基金The National Natural Science Foundation of China (Grant No.60472060 ,60473039 and 60472061)
文摘Foley-Sammon linear discriminant analysis (FSLDA) and uncorrelated linear discriminant analysis (ULDA) are two well-known kinds of linear discriminant analysis. Both ULDA and FSLDA search the kth discriminant vector in an n-k+1 dimensional subspace, while they are subject to their respective constraints. Evidenced by strict demonstration, it is clear that in essence ULDA vectors are the covariance-orthogonal vectors of the corresponding eigen-equation. So, the algorithms for the covariance-orthogonal vectors are equivalent to the original algorithm of ULDA, which is time-consuming. Also, it is first revealed that the Fisher criterion value of each FSLDA vector must be not less than that of the corresponding ULDA vector by theory analysis.
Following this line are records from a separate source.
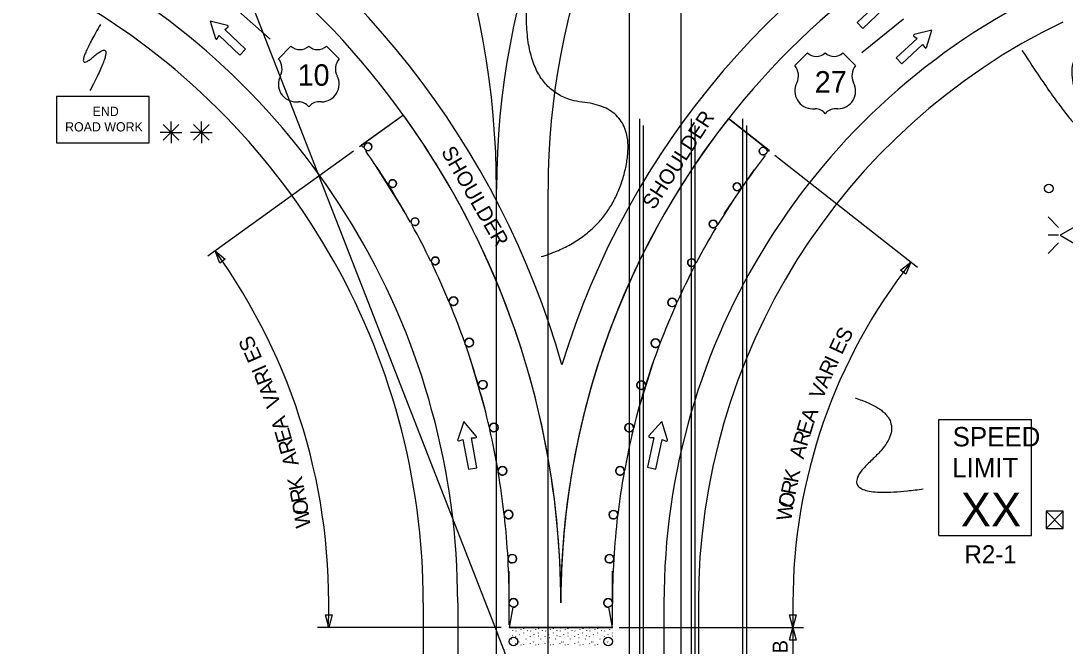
# Model space of a CAD drawing. Extents: x 16604 to 19504, y 6997 to 8305.
# Drawn here: x 16712.4 to 17198.4, y 7731.2 to 8022 of the extents above; entities that cross this region are included whole.
import ezdxf

# ---------------------------------------------------------------- set-up
doc = ezdxf.new("R2010")
doc.units = 0
for name, color, linetype in [('ALI_LEGAL_EX', 7, 'Continuous'), ('MT_SCRATCH_LEVEL_A', 7, 'Continuous'), ('MT_SCRATCH_LEVEL_E', 7, 'Continuous'), ('PAVT_EDGE_EX', 7, 'Continuous'), ('TRAFFIC_SIGNS_PR', 7, 'Continuous'), ('TYPICAL_EX', 7, 'Continuous'), ('TYPICAL_TEXT_DIMEN_PR', 7, 'Continuous')]:
    doc.layers.add(name, color=color, linetype=linetype)

msp = doc.modelspace()

# ---------------------------------------------------------------- linework, layer by layer
at = {"layer": 'ALI_LEGAL_EX'}
for p, q in [((16712.44, 8305.01), (16934.47, 7736.64)), ((16995.53, 8241.3), (16995.53, 7423.16)), ((17019.53, 8241.3), (17019.53, 7423.16)), ((17000.51, 7366.28), (17000.51, 7976.48)), ((17024.51, 7366.28), (17024.51, 7976.48)), ((17048.51, 7366.28), (17048.51, 7976.48)), ((17002.26, 7363.06), (17002.26, 7973.25)), ((17026.26, 7363.06), (17026.26, 7973.25)), ((17050.26, 7363.06), (17050.26, 7973.25)), ((16933.79, 7333.59), (16933.79, 7943.78)), ((16933.79, 7333.59), (16933.79, 7943.78)), ((16957.79, 7333.59), (16957.79, 7943.78))]:
    msp.add_line(p, q, dxfattribs=at)
for points in [[(16828.4, 8013.47), (16809.73, 8030.1)], [(17103.8, 8007.23), (17123.26, 8022.93)], [(16890.91, 7933.35), (16877.68, 7954.57)], [(17039.8, 7932.22), (17053.92, 7952.85)], [(16928.64, 7840.65), (16921.64, 7864.65)], [(16999.66, 7840.57), (17007.11, 7864.44)], [(16939.73, 7741.09), (16939.73, 7766.09)], [(16987.73, 7741.09), (16987.73, 7766.09)]]:
    msp.add_lwpolyline(points, dxfattribs=at)
for centre, radius, start, end in [((16545.79, 7943.78), 388, 0, 40.1908), ((17297.79, 7943.78), 364, 137.516, 180), ((17297.79, 7943.78), 340, 137.516, 180), ((16595.41, 7604.2), 364, 341.1459, 21.3367)]:
    msp.add_arc(centre, radius, start, end, dxfattribs=at)
at = {"layer": 'MT_SCRATCH_LEVEL_A'}
for p, q in [((16987.73, 7739.84), (16939.73, 7739.84)), ((16939.73, 7739.84), (16987.73, 7739.84)), ((16987.73, 7739.84), (16939.73, 7739.84)), ((16941.23, 7738.38), (16941.28, 7738.3)), ((16942.68, 7739.5), (16942.73, 7739.62)), ((16942.76, 7738.24), (16942.81, 7738.16)), ((16945.05, 7739.05), (16945.1, 7738.98)), ((16946.32, 7737.32), (16946.38, 7737.24)), ((16946.49, 7739.2), (16946.55, 7739.32)), ((16948.11, 7738.38), (16948.17, 7738.3)), ((16949.56, 7739.5), (16949.62, 7739.62)), ((16949.64, 7738.24), (16949.69, 7738.16)), ((16951.93, 7739.05), (16951.99, 7738.98)), ((16953.21, 7737.32), (16953.26, 7737.24)), ((16953.38, 7739.2), (16953.43, 7739.32)), ((16955, 7738.38), (16955.05, 7738.3)), ((16956.45, 7739.5), (16956.5, 7739.62)), ((16956.53, 7738.24), (16956.58, 7738.16)), ((16958.82, 7739.05), (16958.87, 7738.98)), ((16960.1, 7737.32), (16960.15, 7737.24)), ((16960.27, 7739.2), (16960.32, 7739.32)), ((16961.89, 7738.38), (16961.94, 7738.3)), ((16963.34, 7739.5), (16963.39, 7739.62)), ((16963.42, 7738.24), (16963.47, 7738.16)), ((16965.71, 7739.05), (16965.76, 7738.98)), ((16966.99, 7737.32), (16967.04, 7737.24)), ((16967.16, 7739.2), (16967.21, 7739.32)), ((16968.78, 7738.38), (16968.83, 7738.3)), ((16970.23, 7739.5), (16970.28, 7739.62)), ((16970.31, 7738.24), (16970.36, 7738.16)), ((16972.6, 7739.05), (16972.65, 7738.98)), ((16973.87, 7737.32), (16973.92, 7737.24)), ((16974.05, 7739.2), (16974.1, 7739.32)), ((16975.66, 7738.38), (16975.72, 7738.3)), ((16977.11, 7739.5), (16977.17, 7739.62)), ((16977.19, 7738.24), (16977.24, 7738.16)), ((16979.48, 7739.05), (16979.53, 7738.98)), ((16980.76, 7737.32), (16980.81, 7737.24)), ((16980.93, 7739.2), (16980.98, 7739.32)), ((16982.55, 7738.38), (16982.6, 7738.3)), ((16984, 7739.5), (16984.05, 7739.62)), ((16984.08, 7738.24), (16984.13, 7738.16)), ((16986.37, 7739.05), (16986.42, 7738.98)), ((16987.65, 7737.32), (16987.7, 7737.24)), ((16940.66, 7734.41), (16940.71, 7734.53)), ((16941.28, 7736.17), (16941.33, 7736.09)), ((16942.56, 7735.59), (16942.57, 7735.47)), ((16942.68, 7732.22), (16942.73, 7732.33)), ((16943.44, 7733.18), (16943.49, 7733.1)), ((16944.18, 7733.15), (16944.23, 7733.07)), ((16944.4, 7736.45), (16944.45, 7736.56)), ((16944.59, 7735.25), (16944.64, 7735.17)), ((16946.37, 7735.92), (16946.42, 7736.03)), ((16946.49, 7731.92), (16946.55, 7732.04)), ((16947.54, 7734.41), (16947.6, 7734.53)), ((16948.16, 7736.17), (16948.21, 7736.09)), ((16949.44, 7735.59), (16949.46, 7735.47)), ((16949.56, 7732.22), (16949.62, 7732.33)), ((16950.33, 7733.18), (16950.38, 7733.1)), ((16951.06, 7733.15), (16951.12, 7733.07)), ((16951.28, 7736.45), (16951.34, 7736.56)), ((16951.47, 7735.25), (16951.53, 7735.17)), ((16953.25, 7735.92), (16953.31, 7736.03)), ((16953.38, 7731.92), (16953.43, 7732.04)), ((16954.43, 7734.41), (16954.48, 7734.53)), ((16955.05, 7736.17), (16955.1, 7736.09)), ((16956.33, 7735.59), (16956.34, 7735.47)), ((16956.45, 7732.22), (16956.5, 7732.33)), ((16957.22, 7733.18), (16957.27, 7733.1)), ((16957.95, 7733.15), (16958, 7733.07)), ((16958.17, 7736.45), (16958.22, 7736.56)), ((16958.36, 7735.25), (16958.41, 7735.17)), ((16960.14, 7735.92), (16960.19, 7736.03)), ((16960.27, 7731.92), (16960.32, 7732.04)), ((16961.32, 7734.41), (16961.37, 7734.53)), ((16961.94, 7736.17), (16961.99, 7736.09)), ((16963.22, 7735.59), (16963.23, 7735.47)), ((16963.34, 7732.22), (16963.39, 7732.33)), ((16964.1, 7733.18), (16964.15, 7733.1)), ((16964.84, 7733.15), (16964.89, 7733.07)), ((16965.06, 7736.45), (16965.11, 7736.56)), ((16965.25, 7735.25), (16965.3, 7735.17)), ((16967.03, 7735.92), (16967.08, 7736.03)), ((16967.16, 7731.92), (16967.21, 7732.04)), ((16968.21, 7734.41), (16968.26, 7734.53)), ((16968.83, 7736.17), (16968.88, 7736.09)), ((16970.11, 7735.59), (16970.12, 7735.47)), ((16970.23, 7732.22), (16970.28, 7732.33)), ((16970.99, 7733.18), (16971.04, 7733.1)), ((16971.73, 7733.15), (16971.78, 7733.07)), ((16971.95, 7736.45), (16972, 7736.56)), ((16972.14, 7735.25), (16972.19, 7735.17)), ((16973.92, 7735.92), (16973.97, 7736.03)), ((16974.05, 7731.92), (16974.1, 7732.04)), ((16975.09, 7734.41), (16975.15, 7734.53)), ((16975.71, 7736.17), (16975.76, 7736.09)), ((16976.99, 7735.59), (16977.01, 7735.47)), ((16977.11, 7732.22), (16977.17, 7732.33)), ((16977.88, 7733.18), (16977.93, 7733.1)), ((16978.62, 7733.15), (16978.67, 7733.07)), ((16978.83, 7736.45), (16978.89, 7736.56)), ((16979.02, 7735.25), (16979.08, 7735.17)), ((16980.8, 7735.92), (16980.85, 7736.03)), ((16980.93, 7731.92), (16980.98, 7732.04)), ((16981.98, 7734.41), (16982.03, 7734.53)), ((16982.6, 7736.17), (16982.65, 7736.09)), ((16983.88, 7735.59), (16983.89, 7735.47)), ((16984, 7732.22), (16984.05, 7732.33)), ((16984.76, 7733.18), (16984.82, 7733.1)), ((16985.5, 7733.15), (16985.55, 7733.07)), ((16985.72, 7736.45), (16985.78, 7736.56)), ((16985.91, 7735.25), (16985.96, 7735.17)), ((16987.69, 7735.92), (16987.73, 7736)), ((16945.05, 7731.77), (16945.1, 7731.69)), ((16951.93, 7731.77), (16951.99, 7731.69)), ((16958.82, 7731.77), (16958.87, 7731.69)), ((16965.71, 7731.77), (16965.76, 7731.69)), ((16972.6, 7731.77), (16972.65, 7731.69)), ((16979.48, 7731.77), (16979.53, 7731.69)), ((16986.37, 7731.77), (16986.42, 7731.69))]:
    msp.add_line(p, q, dxfattribs=at)
for centre, radius, start, end in [((17327.73, 7751.28), 364, 155.5409, 180), ((17327.73, 7751.28), 364, 155.5409, 180), ((16575.73, 7751.28), 388, 0, 22.8554), ((16575.73, 7751.28), 388, 0, 22.8554)]:
    msp.add_arc(centre, radius, start, end, dxfattribs=at)
at = {"layer": 'MT_SCRATCH_LEVEL_E'}
for p, q in [((17111.32, 8030.27), (17101.65, 8021.2)), ((17104.21, 8018.47), (17113.88, 8027.53)), ((16808.64, 8019.82), (16800.53, 8021.79)), ((16800.53, 8021.79), (16802.96, 8013.82)), ((16807.35, 8017.93), (16808.8, 8019)), ((17101.65, 8021.2), (17104.21, 8018.47)), ((16803.79, 8013.7), (16804.78, 8015.21)), ((16804.78, 8015.21), (16814.4, 8006.1)), ((16816.98, 8008.81), (16807.35, 8017.93)), ((17129.52, 8013.8), (17119.85, 8004.73)), ((17128.08, 8014.88), (17129.52, 8013.8)), ((17136.34, 8017.65), (17128.24, 8015.7)), ((17133.89, 8009.67), (17136.34, 8017.65)), ((17122.41, 8002), (17132.08, 8011.07)), ((17132.08, 8011.07), (17133.06, 8009.55)), ((16814.4, 8006.1), (16816.98, 8008.81)), ((17119.85, 8004.73), (17122.41, 8002))]:
    msp.add_line(p, q, dxfattribs=at)
for centre, start, end in [((16808.52, 8019.37), 306.594, 76.331), ((16803.4, 8013.97), 196.9827, 326.5217), ((17128.36, 8015.24), 103.5821, 233.121), ((17133.45, 8009.82), 213.1934, 342.9303)]:
    msp.add_arc(centre, 0.463, start, end, dxfattribs=at)
at = {"layer": 'PAVT_EDGE_EX'}
for p, q in [((16899.73, 7751.28), (16899.73, 7396.71)), ((16915.73, 7751.28), (16915.73, 7396.71)), ((17011.73, 7751.28), (17011.73, 7396.71)), ((17027.73, 7751.28), (17027.73, 7396.71))]:
    msp.add_line(p, q, dxfattribs=at)
for centre, radius, start, end in [((16575.73, 7751.28), 404, 15.917, 60.4732), ((17327.73, 7751.28), 380, 115.7657, 163.0483), ((16575.73, 7751.28), 388, 0, 60.4732), ((17327.73, 7751.28), 364, 115.7657, 180), ((16575.73, 7751.28), 340, 0, 60.4732), ((17327.73, 7751.28), 316, 115.7657, 180), ((16575.73, 7751.28), 324, 0, 60.4732), ((17327.73, 7751.28), 300, 115.7657, 180), ((17327.73, 7751.28), 300, 180, 180.00000277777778)]:
    msp.add_arc(centre, radius, start, end, dxfattribs=at)
at = {"layer": 'TRAFFIC_SIGNS_PR'}
for p, q in [((17190.48, 7930.78), (17195.41, 7925.84)), ((17195.41, 7922.29), (17190.48, 7922.29)), ((17190.48, 7913.8), (17195.41, 7918.73)), ((17139.59, 7836.6), (17182.79, 7836.6)), ((17139.59, 7782.6), (17139.59, 7836.6)), ((17182.79, 7782.6), (17182.79, 7836.6)), ((17139.59, 7782.6), (17182.79, 7782.6))]:
    msp.add_line(p, q, dxfattribs=at)
msp.add_lwpolyline([(16728.96, 7965.21), (16772.16, 7965.21), (16772.16, 7986.81), (16728.96, 7986.81)], close=True, dxfattribs=at)
msp.add_lwpolyline([(17205.49, 7927.56), (17196.19, 7922.29), (17205.49, 7916.97)], dxfattribs=at)
for centre, radius in [((16873.98, 7963.42), 1.8), ((17057.89, 7961.41), 1.8), ((16885.43, 7946.33), 1.8), ((17045.75, 7944.81), 1.8), ((17190.82, 7943.97), 2), ((16895.89, 7928.63), 1.8), ((17034.63, 7927.51), 1.8), ((16905.35, 7910.36), 1.8), ((17024.57, 7909.57), 1.8), ((16913.77, 7891.6), 2), ((17015.59, 7891.06), 2), ((16921.12, 7872.38), 2), ((17007.76, 7872.05), 2), ((16927.38, 7852.79), 2), ((17001.08, 7852.59), 2), ((16932.52, 7832.88), 2), ((16995.58, 7832.78), 2), ((16936.54, 7812.7), 2), ((16991.28, 7812.66), 2), ((16939.42, 7792.34), 2), ((16988.2, 7792.33), 2), ((16941.15, 7771.84), 2), ((16986.34, 7771.84), 2), ((16941.73, 7751.28), 2), ((16985.72, 7751.28), 2), ((16941.73, 7733.28), 2), ((16985.72, 7733.28), 2)]:
    msp.add_circle(centre, radius, dxfattribs=at)
at = {"layer": 'TYPICAL_EX'}
for p, q in [((16832.26, 8004.38), (16838.15, 8010.27)), ((16860.56, 8004.38), (16854.66, 8010.27)), ((17072.63, 8001.2), (17078.53, 8007.09)), ((17100.93, 8001.2), (17095.03, 8007.09)), ((16840.51, 7984.32), (16841.68, 7984.32)), ((16852.31, 7984.32), (16851.13, 7984.32)), ((17080.88, 7981.14), (17082.05, 7981.14)), ((17092.68, 7981.14), (17091.5, 7981.14))]:
    msp.add_line(p, q, dxfattribs=at)
for centre, radius, start, end in [((16842.28, 8014.57), 5.96, 226.1404, 313.8596), ((16850.54, 8014.57), 5.96, 226.1404, 313.8596), ((16826.67, 7999.66), 7.31, 333.0977, 40.1936), ((16866.14, 7999.66), 7.31, 139.8064, 206.9023), ((17082.65, 8011.38), 5.96, 226.1404, 313.8596), ((17090.91, 8011.38), 5.96, 226.1404, 313.8596), ((17067.04, 7996.47), 7.31, 333.0977, 40.1936), ((17106.51, 7996.47), 7.31, 139.8064, 206.9023), ((16840.52, 7992.56), 8.24, 152.6698, 269.9013), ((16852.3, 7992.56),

For a discriminant vector, the larger its Fisher criterion value is, the more powerful in discriminability it is. So, for FSLDA vectors, corresponding to larger Fisher criterion values is an advantage. On the other hand, in general any two feature components extracted by FSLDA vectors are statistically correlated with each other, which may make the discriminant vectors set at a disadvantageous position. In contrast to FSLDA vectors, any two feature components extracted by ULDA vectors are statistically uncorrelated with each other. Two experiments on CENPARMI handwritten numeral database and ORL database are performed. The experimental results are consistent with the theory analysis on Fisher criterion values of ULDA vectors and FSLDA vectors. The experiments also show that the equivalent algorithm of ULDA, presented in this paper, is much more efficient than the original algorithm of ULDA, as the theory analysis expects. Moreover, it appears that if there is high statistical correlation between feature components extracted by FSLDA vectors, FSLDA will not perform well, in spite of larger Fisher criterion value owned by every FSLDA vector. However, when the average correlation coefficient of feature components extracted by FSLDA vectors is at a low level, the performance of FSLDA are comparable with ULDA.